[Source data]

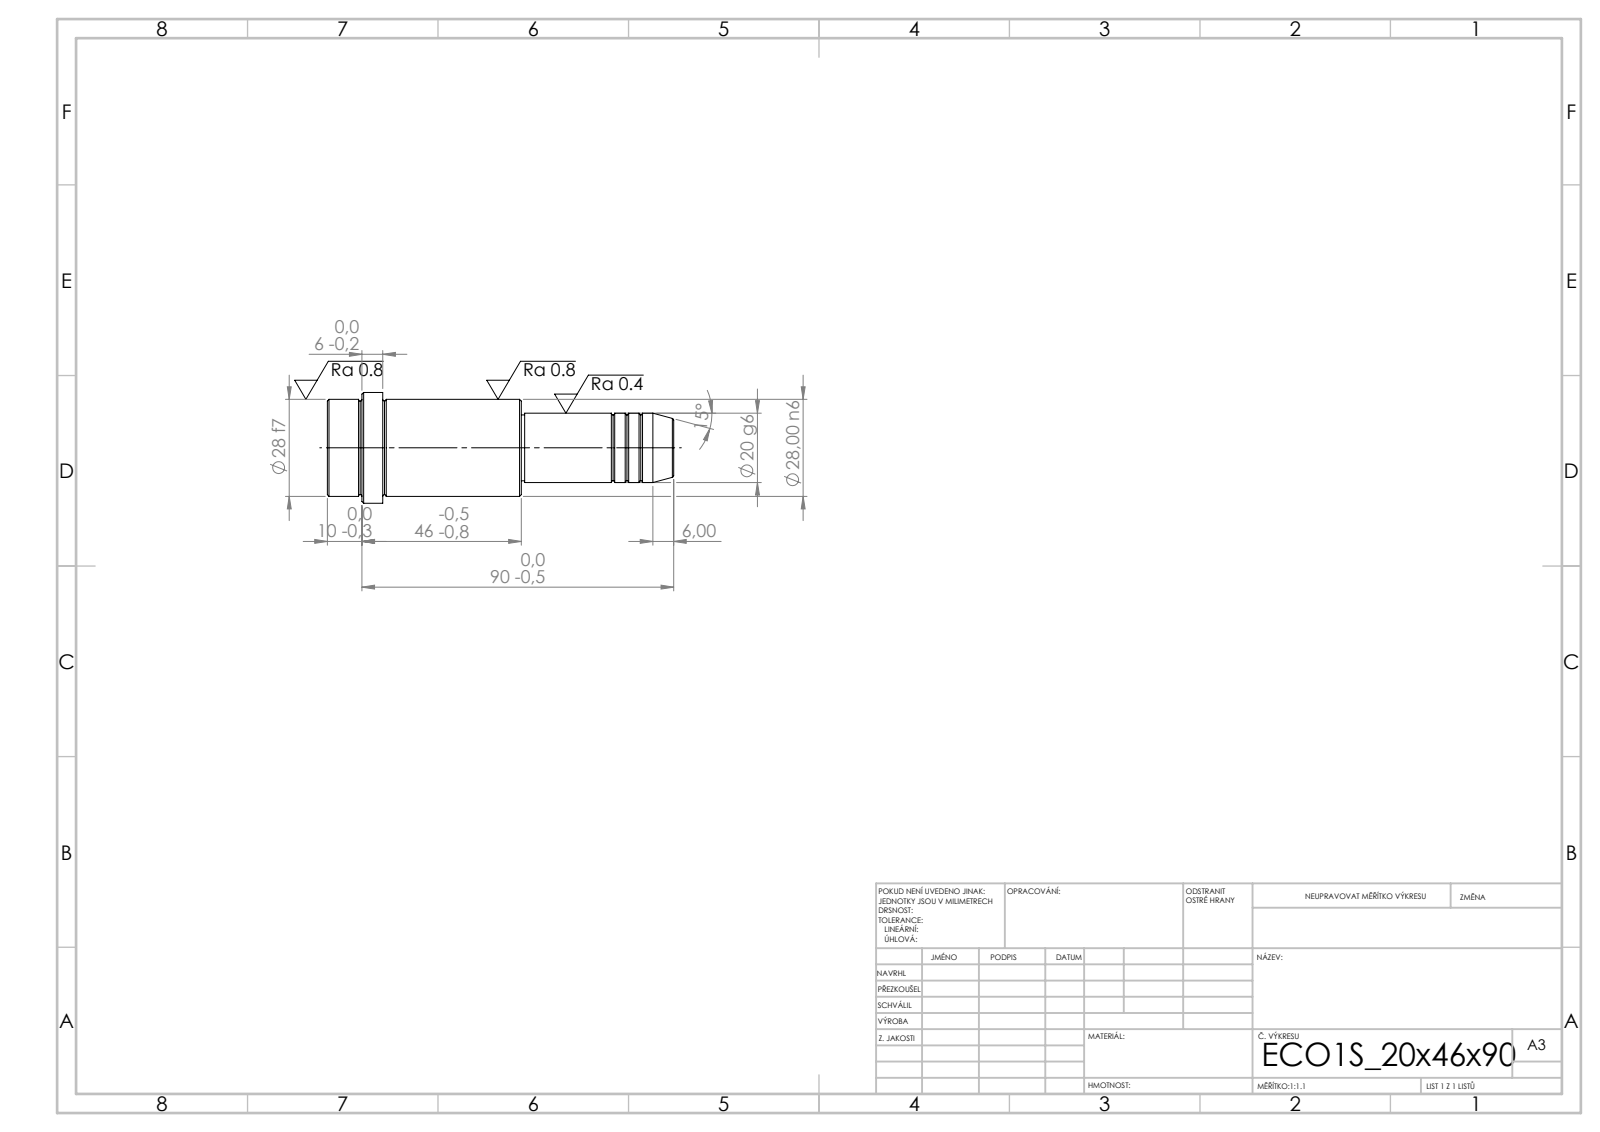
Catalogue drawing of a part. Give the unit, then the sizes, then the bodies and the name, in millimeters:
Units: millimetres
Overall size (bounding box): 100 × 32 × 32
Round bosses / shafts (diameter × count): ⌀32 ×1, ⌀28 ×1, ⌀20 ×1, ⌀19 ×1
Main face-to-face distances: 56, 44, 100, 84, 40, 16, 90, 46, 6, 10
Volume: 48 943 mm³ · Surface area: 9 426 mm²
Bodies: 1 solid, 52 faces (6 planar, 16 cylindrical, 30 other)
STEP written by: SolidWorks 2019 (CONFIG_CONTROL_DESIGN)
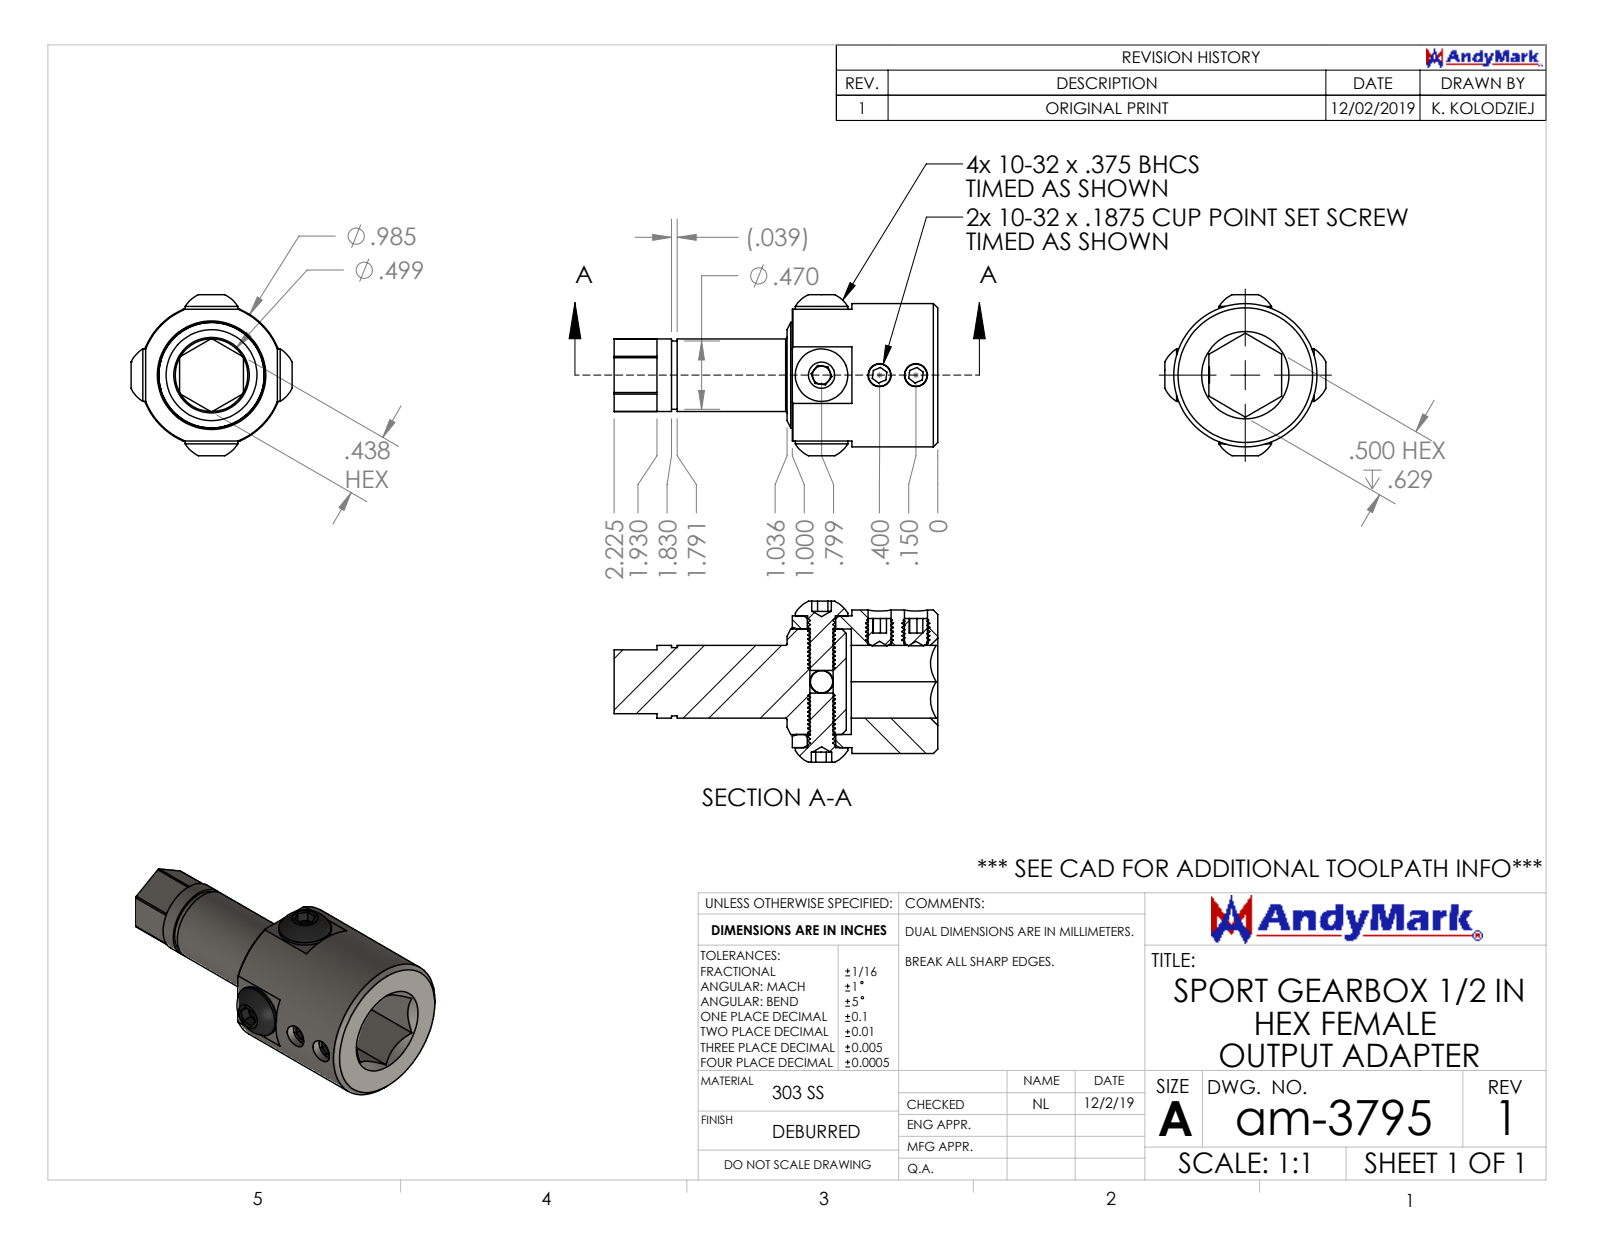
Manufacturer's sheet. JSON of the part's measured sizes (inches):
{"part_name": "socket button head cap screw_ai_SBHCSCREW 0.19-32x0.375-HX-S; socket set screw cup point_ai_SSCUPSKT 0.19-32x0.1875-HX-S; socket set screw cup point_ai; socket button head cap screw_ai (+3 more)", "step_written_by": "SolidWorks 2019 (AUTOMOTIVE_DESIGN)", "units": "inches", "bodies": {"solids": 8, "faces": 567, "planar": 111, "cylindrical": 156, "other": 300}, "overall_size": [2.225, 1.107, 1.107], "volume_in3": 0.854, "surface_area_in2": 13.13, "round_holes": [[0.159, 4], [0.196, 2], [0.726, 1]], "round_bosses_or_shafts": [[0.19, 4], [0.361, 2], [0.985, 1], [0.725, 1], [0.499, 1], [0.47, 1]], "face_to_face_distances": [0.5, 0.905, 0.629, 0.031, 0.469, 0.371, 1, 0.406, 0.035, 0.594], "hole_center_spacings": [0.25, 0.399, 0.649]}

[/Source data]

▶ [Problem requirements]:
Scan the records above for the word "sizes". Show each line in which it appears.

▶ [Output below]:
Catalogue drawing of a part. Give the unit, then the sizes, then the bodies and the name, in millimeters:
Manufacturer's sheet. JSON of the part's measured sizes (inches):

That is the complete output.